**Activity**. Your response should be every line from the entries that includes the string "Supervisor".

Dataset entries:
* * * * * * * * *

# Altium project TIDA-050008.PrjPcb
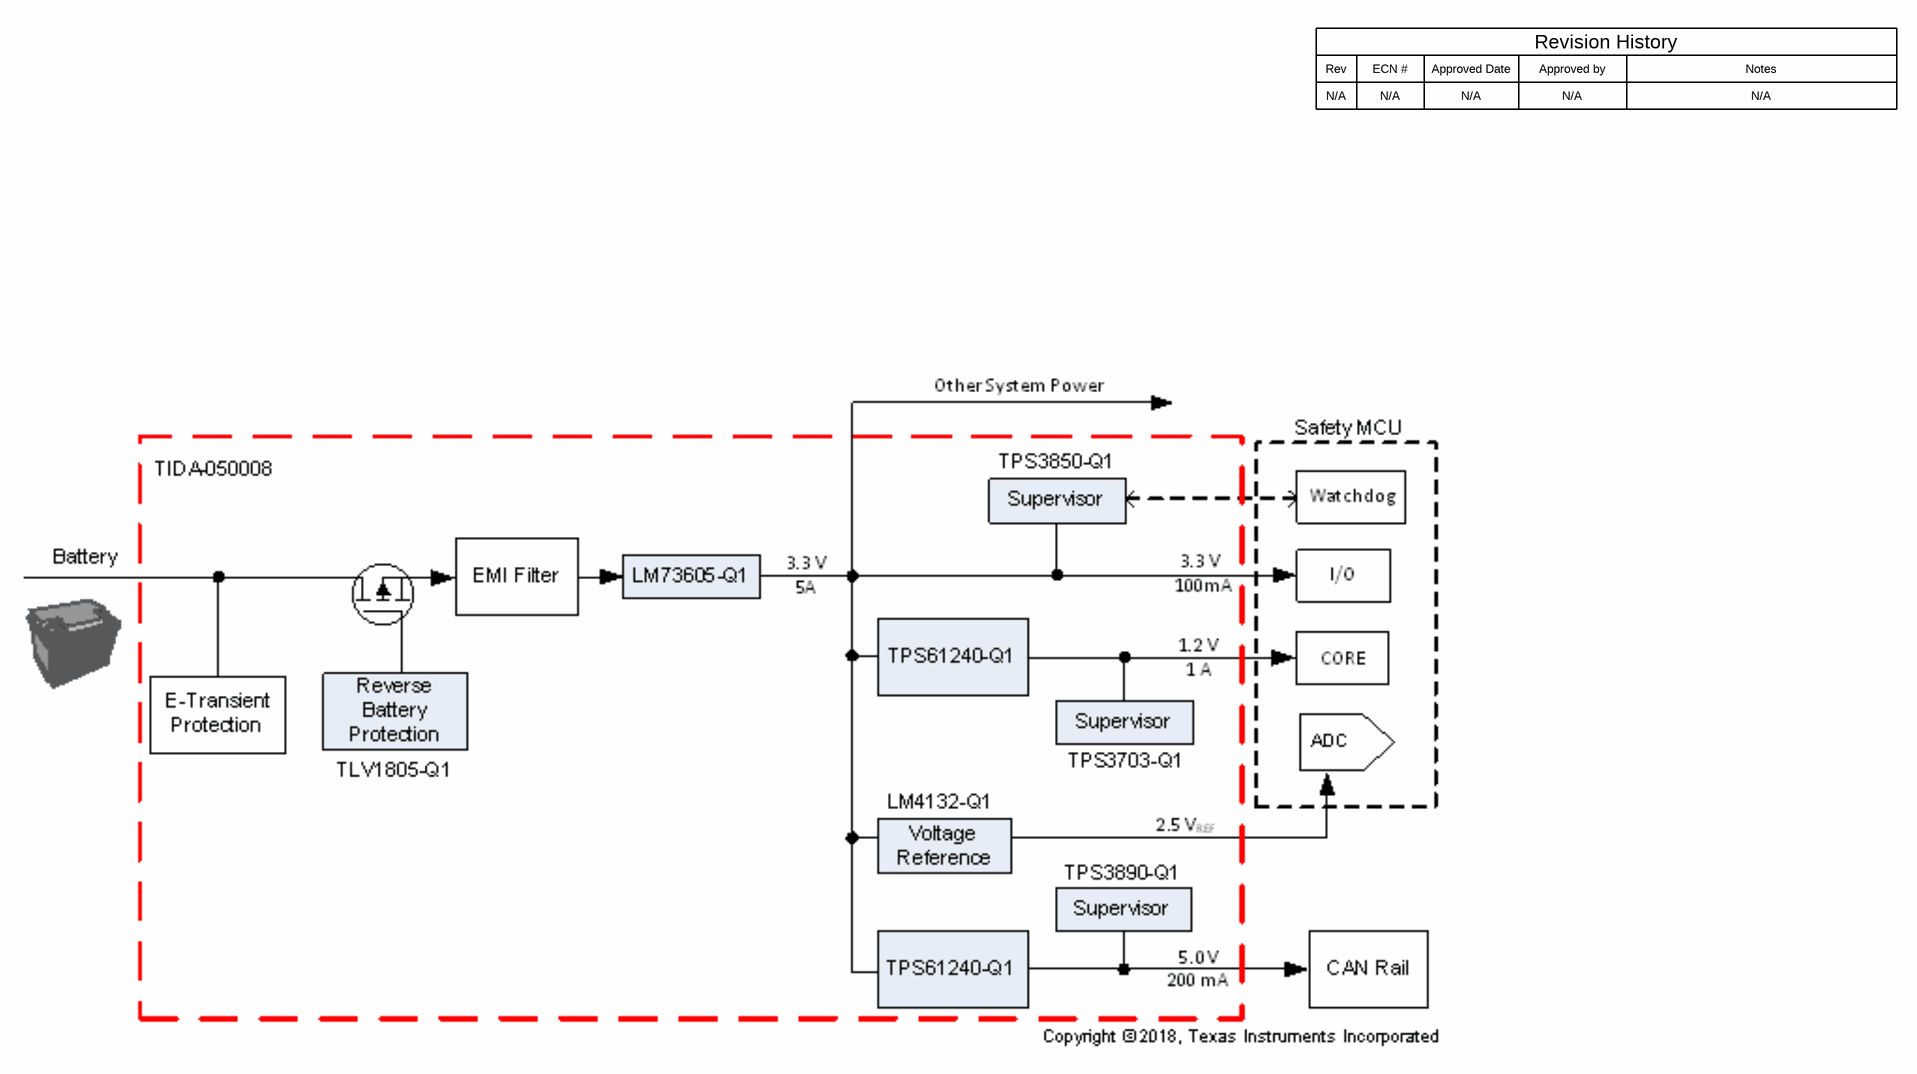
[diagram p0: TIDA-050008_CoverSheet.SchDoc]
TID: TIDA-050008; TechSupport: http://www.ti.com/support; SCH_Rev: E1; PRJ_Title: ADAS Reference Design with Improved Supervision; PRJ_Number: TIDA-050008; PRJ_Engineer: Ethan Than; PRJ_Customer: Public Release; PCB_Rev: E1; PCB_Layout: Ethan Than; CopyrightYear: 2018
6 sheets, 137 parts. Net scope: global (net labels, ports and power ports of the same name join across sheets).
Board file: TIDA-050008.PcbDoc
Sheets:
  TIDA-050008_CoverSheet.SchDoc
  TIDA-050008_Main Supply.SchDoc
  TIDA-050008_Watchdog and Vref.SchDoc
  TIDA-050008_CAN Supply and Supervisor.SchDoc
  TIDA-050008 Core Supply and Supervisor.SchDoc
  TIDA-050008_EVM_Hardware.SchDoc

## Sheet TIDA-050008_CoverSheet.SchDoc
size 431 x 279 mm; Date: Not shown in title block; ApprovedBy: Not shown in title block; CheckedBy: Not shown in title block; Author: Not shown in title block; CompanyName: Not shown in title block; Engineer: Not shown in title block; Organization: Not shown in title block; Address1: Not shown in title block; Address2: Not shown in title block; Address3: Not shown in title block; Address4: Not shown in title block; DocumentNumber: 1; Revision: Use project parameter SCH_Rev; SheetNumber: 1; SheetTotal: 6; PageSetup: Record=PageOptions¦CenterHorizontal=True¦CenterVertical=True¦PrintScale=1.00¦XCorrection=1.00¦YCorrection=1.00¦PrintKind=0¦BorderSize=5000000¦LeftOffset=0¦BottomOffset=0¦Orientation=2¦PaperLength=1000¦PaperWidth=1000¦Scale=100¦PaperSource=15¦PrintQuality=600¦MediaType=1¦DitherType=10¦PaperKind=Letter¦PrintScaleMode=1

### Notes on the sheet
- Rev
- N/A
- ECN #
- Approved Date
- Approved by
- Revision History
- Notes

## Sheet TIDA-050008_Main Supply.SchDoc
size 431 x 279 mm; Date: Not shown in title block; ApprovedBy: Not shown in title block; CheckedBy: Not shown in title block; Author: Not shown in title block; CompanyName: Not shown in title block; Engineer: Not shown in title block; Organization: Not shown in title block; Address1: Not shown in title block; Address2: Not shown in title block; Address3: Not shown in title block; Address4: Not shown in title block; DocumentNumber: 2; Revision: Use project parameter SCH_Rev; SheetNumber: 2; SheetTotal: 6; PageSetup: Record=PageOptions¦CenterHorizontal=True¦CenterVertical=True¦PrintScale=1.00¦XCorrection=1.00¦YCorrection=1.00¦PrintKind=0¦BorderSize=5000000¦LeftOffset=0¦BottomOffset=0¦Orientation=2¦PaperLength=1000¦PaperWidth=1000¦Scale=100¦PaperSource=15¦PrintQuality=600¦MediaType=1¦DitherType=10¦PaperKind=Letter¦PrintScaleMode=1
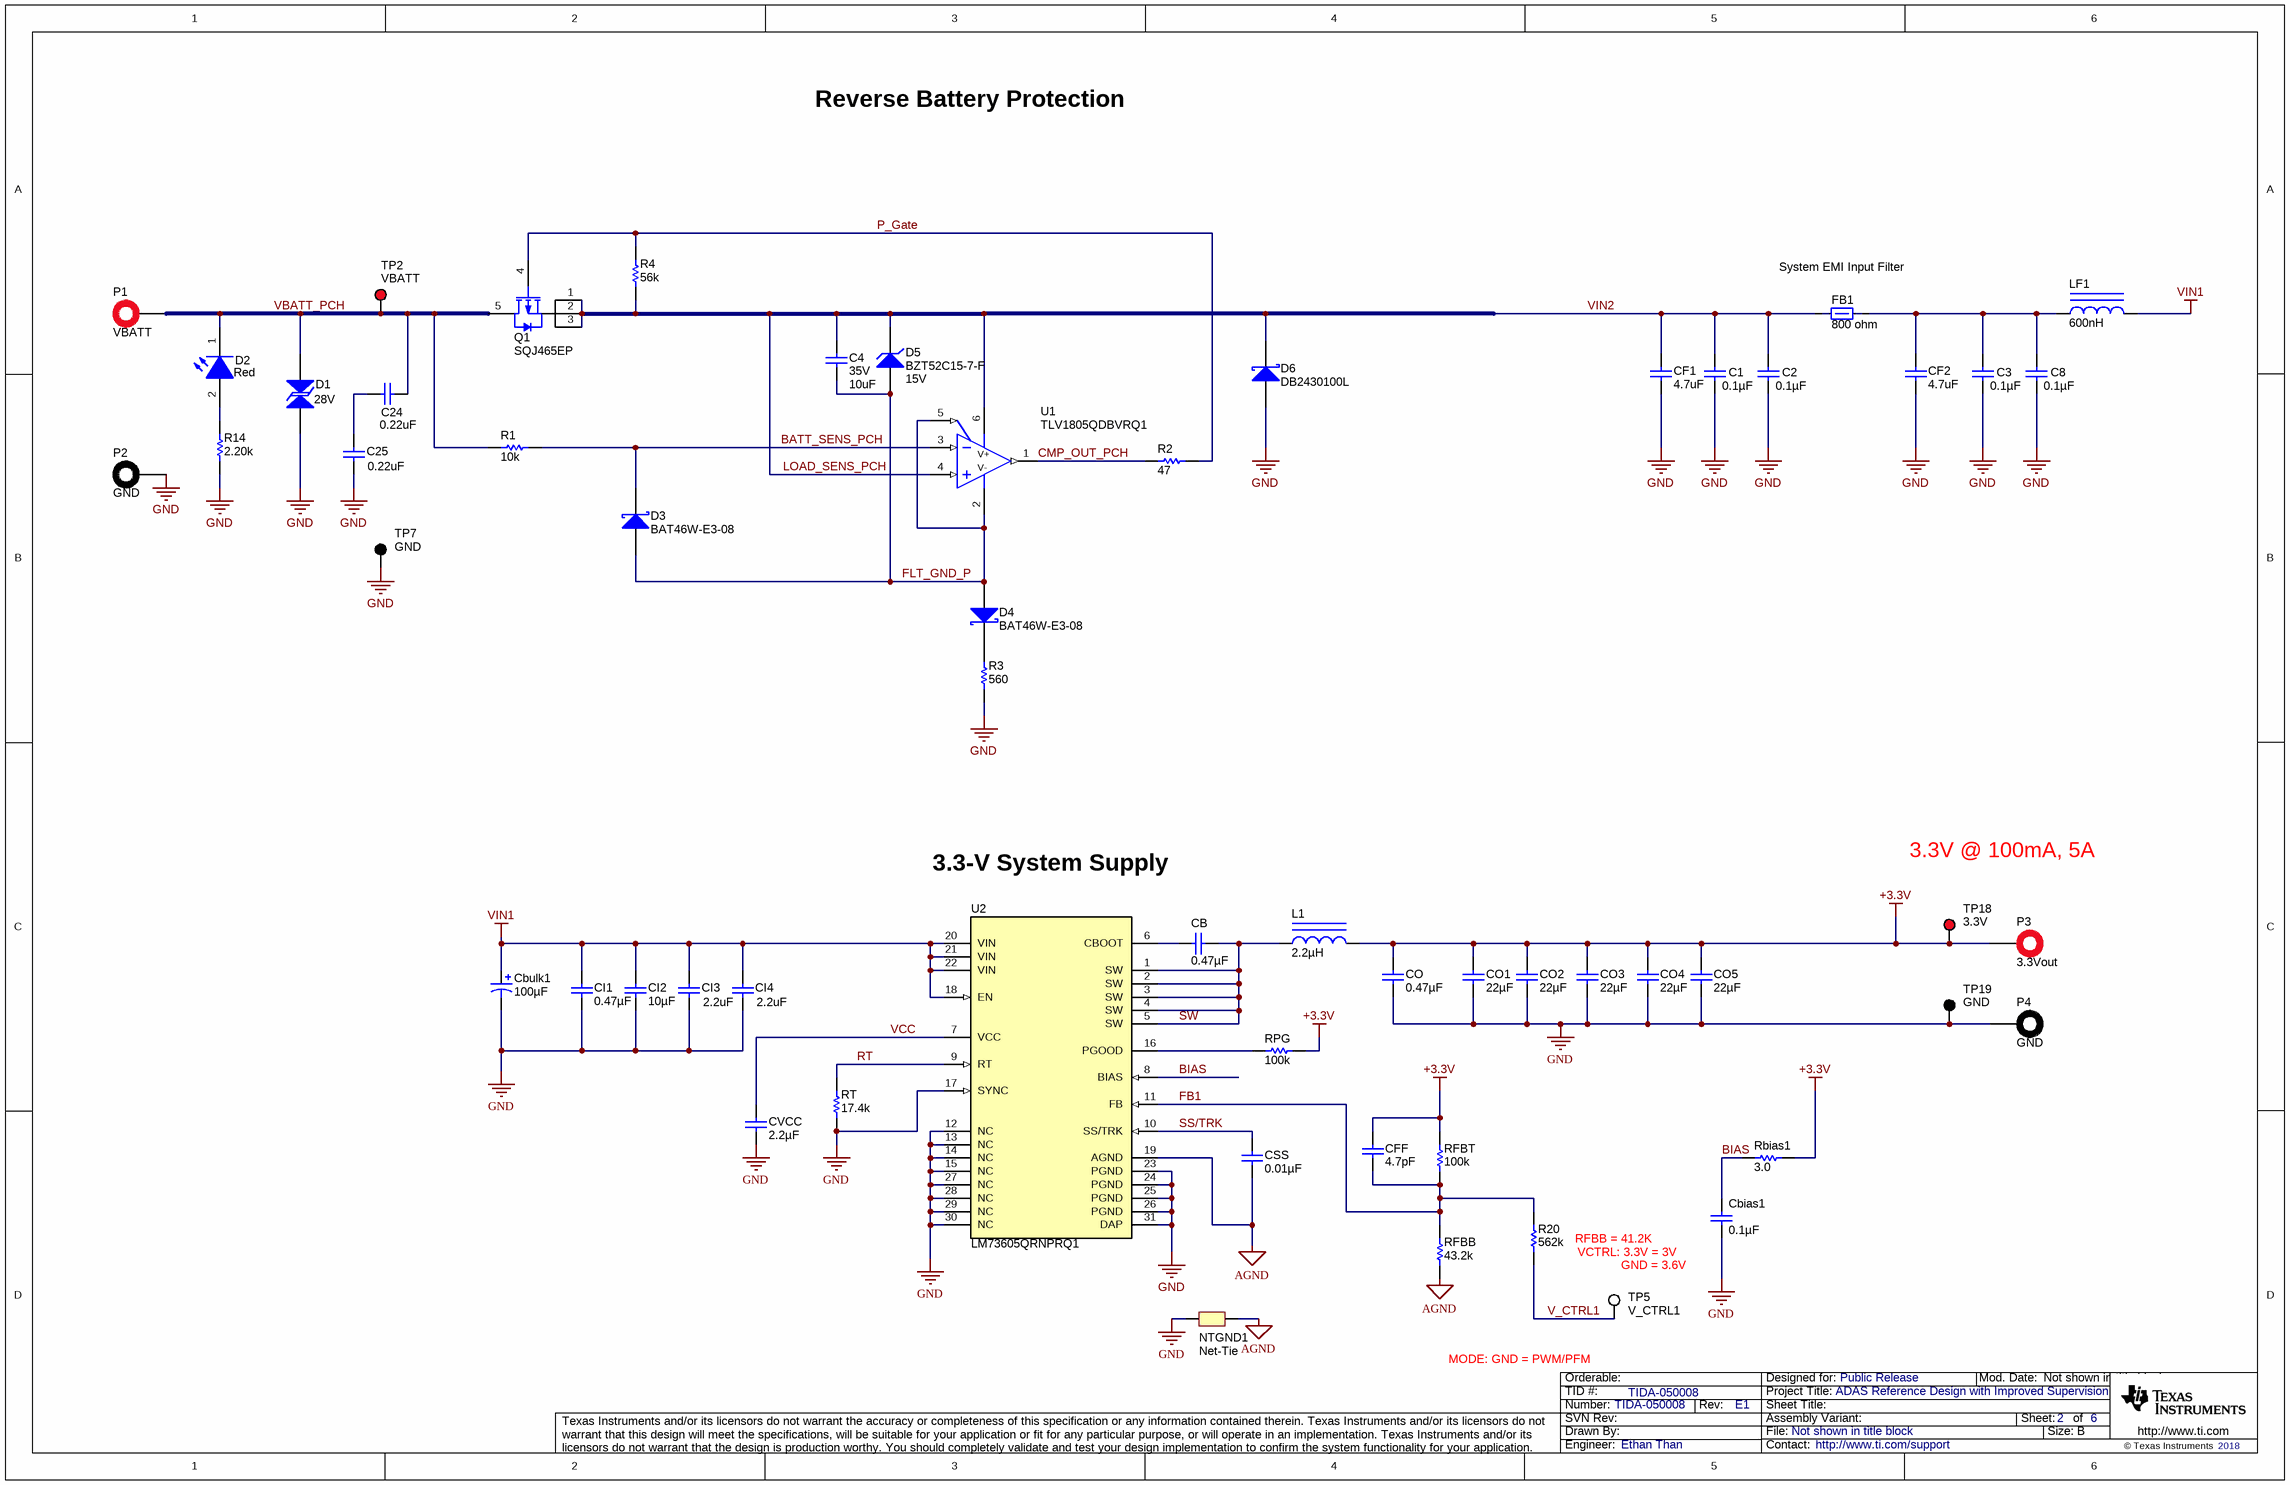
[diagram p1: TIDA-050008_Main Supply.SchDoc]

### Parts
C1  ValueDisplayed: 0.1µF  [0603S]  (hidden comment: GCM188R71C104KA37J)
C2  ValueDisplayed: 0.1µF  [0603S]  (hidden comment: GCM188R71C104KA37J)
C3  ValueDisplayed: 0.1µF  [0603S]  (hidden comment: GCM188R71C104KA37J)
C4  VDC_V: 35V  ValueDisplayed: 10uF  [1206_190]  (hidden comment: C3216X7R1V106M160AC)
C8  ValueDisplayed: 0.1µF  [0603S]  (hidden comment: GCM188R71C104KA37J)
C24  ValueDisplayed: 0.22uF  [0603L]  (hidden comment: CGA3E3X7R1H224K080AB)
C25  ValueDisplayed: 0.22uF  [0603L]  (hidden comment: CGA3E3X7R1H224K080AB)
CB  ValueDisplayed: 0.47µF  [0603L]  (hidden comment: GRM188R61E474KA12D)
Cbias1  ValueDisplayed: 0.1µF  [0603S]  (hidden comment: GCM188R71C104KA37J)
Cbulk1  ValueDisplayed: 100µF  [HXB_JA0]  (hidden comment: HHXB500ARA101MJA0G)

* * * * * * * * *

**Solution to this exercise**.
  TIDA-050008_CAN Supply and Supervisor.SchDoc
  TIDA-050008 Core Supply and Supervisor.SchDoc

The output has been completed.